Ana Tereza Milanez de Lossio e Seiblitz or Tereza Seiblitz (born June 29, 1964) is a Brazilian actress.

She made an appearance in the Brazilian series, Malhação, on the Rede Globo network, in 2002. She was also the protagonist on the Brazilian telenovela Explode Coração, of Glória Perez, in 1995, opposite the Brazilian actor Edson Celulari.

Currently, she plays Lígia Salgado, a mother and desperate housewife, in the Brazilian version of Desperate Housewives, Donas de Casa Desesperadas. In original version of this series, the character is Lynette Scavo, interpreted for Felicity Huffman.

== Biography ==

Daughter of the anthropologist Zélia and of the doctor Maurício Seiblitz, Tereza graduated in Literature and Artistic Education.

Her surname Milanez is from her grandfather, José de Brito Milanez, who came from the region between Paraíba and Pernambuco, from Lossio and Seiblitz came from the family of her father, who is of Spanish origin.

==Career==
She began in artistic life as a dancer, through her gift of dancing participated in musicals in the theater. He studied at CAL with Paulo Betti, Moacyr Góes and Tizuka Yamazaki, with whom he had the opportunity to be directed in the feature film Fica Comigo.

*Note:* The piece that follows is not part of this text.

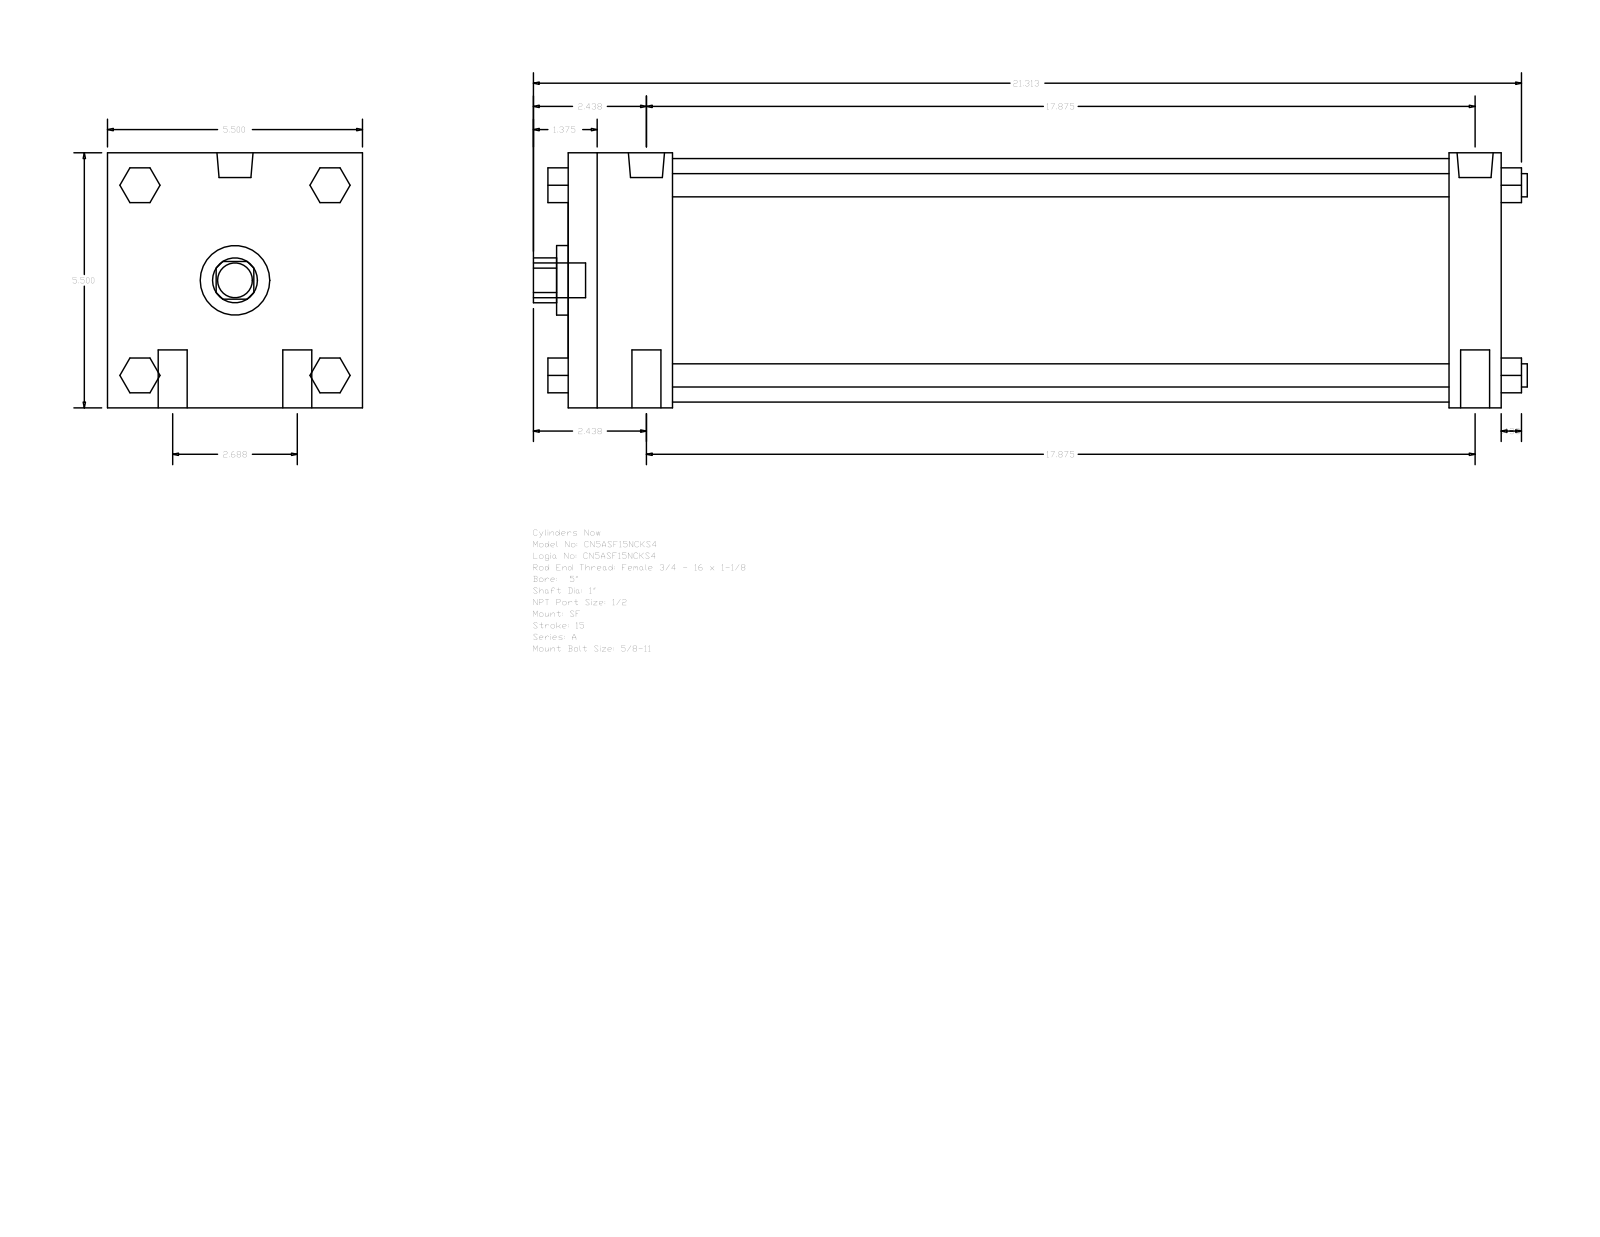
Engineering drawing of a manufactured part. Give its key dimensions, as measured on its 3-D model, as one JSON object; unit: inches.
{"part_name": "A_SF__0500_1", "step_written_by": "GSSL Pune (CONFIG_CONTROL_DESIGN)", "units": "inches", "bodies": {"solids": 0, "faces": 124, "planar": 94, "cylindrical": 30, "other": 0}, "overall_size": [21.437, 5.5, 5.5], "round_holes": [[1, 1], [1.5, 1], [5.25, 1]], "round_bosses_or_shafts": [[0.625, 4], [0.5, 4], [0.778, 2], [0.344, 2], [0.75, 1]], "partial_cylinders_radius": [[0.484, 1]], "face_to_face_distances": [5.5, 20.125, 2.25, 19, 16.75, 17.875, 1.125, 0.75, 2.05, 3.55]}

The actress made her debut on television in the great success Barriga de Aluguel, where she lived the antagonist Laura, then made Pedra sobre Pedra, gained notoriety in the novel Renascer as a wife of Tião Galinha, played by Osmar Prado, later in the plot, would live a romance with the priest Lívio (Jackson Costa). In 1994, Tereza starred in the special Uma Mulher Vestida de Sol and in 1995, she starred in the telenovela Explode Coração, by Glória Perez, as the gypsy Dara, alongside Edson Celulari. In 2002, he participated in Malhação. He also performed three episodes of Você Decide, a Renato Aragão Especial, and a Linha Direta.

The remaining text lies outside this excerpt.